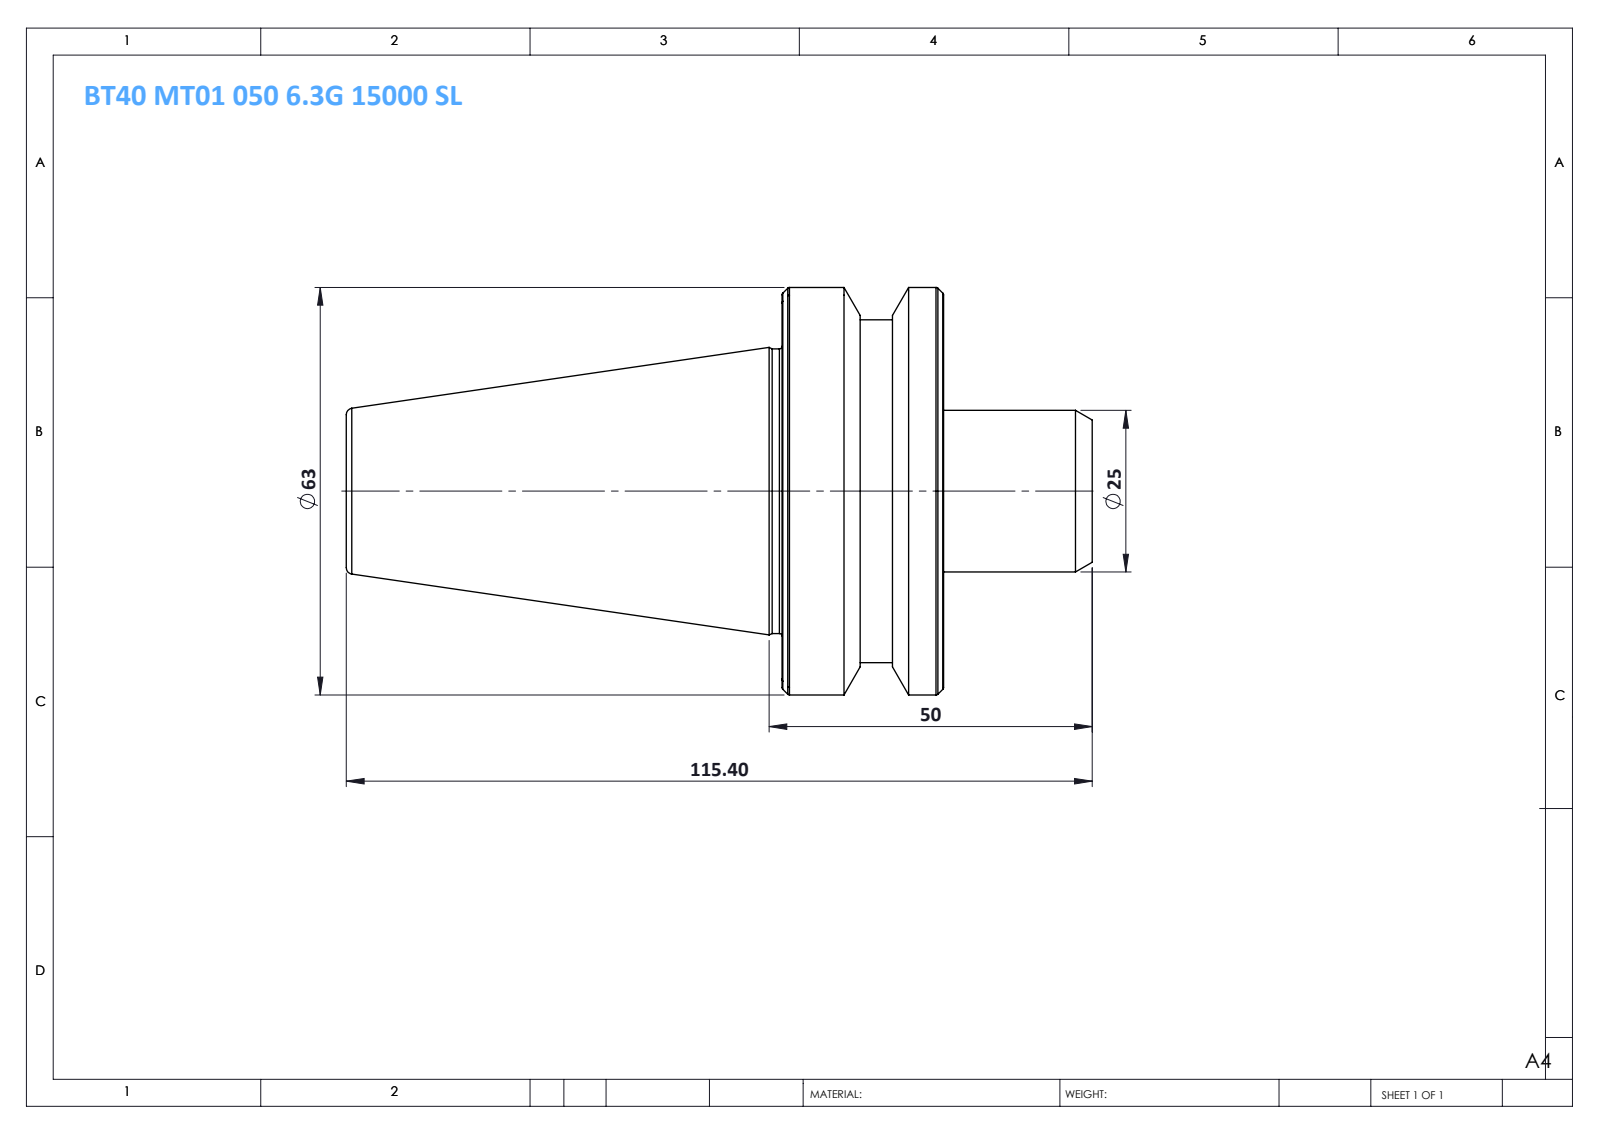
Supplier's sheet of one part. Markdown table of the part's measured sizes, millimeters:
| quantity | value |
| --- | --- |
| part name | BT40 MT01 050 6.3G 15000 SL |
| STEP written by | SolidWorks 2014 (CONFIG_CONTROL_DESIGN) |
| units | millimeters |
| bodies | 1 solid, 48 faces (6 planar, 10 cylindrical, 32 other) |
| overall size | 115.4 × 63 × 63 |
| volume | 149 490 mm³ |
| surface area | 20 041 mm² |
| round bosses / shafts (diameter × count) | 63 × 1, 53 × 1, 44 × 1, 25 × 1 |
| main face-to-face distances | 25, 92.4, 67.4, 23, 48, 115.4, 30.9, 7.9, 17.1, 84.5 |

________________

§ **THE PROBLEM**
The answer should consist of every line above, exact and free of images.

§ **SOLUTION FOR THIS PROBLEM**
Supplier's sheet of one part. Markdown table of the part's measured sizes, millimeters:
| quantity | value |
| --- | --- |
| part name | BT40 MT01 050 6.3G 15000 SL |
| STEP written by | SolidWorks 2014 (CONFIG_CONTROL_DESIGN) |
| units | millimeters |
| bodies | 1 solid, 48 faces (6 planar, 10 cylindrical, 32 other) |
| overall size | 115.4 × 63 × 63 |
| volume | 149 490 mm³ |
| surface area | 20 041 mm² |
| round bosses / shafts (diameter × count) | 63 × 1, 53 × 1, 44 × 1, 25 × 1 |
| main face-to-face distances | 25, 92.4, 67.4, 23, 48, 115.4, 30.9, 7.9, 17.1, 84.5 |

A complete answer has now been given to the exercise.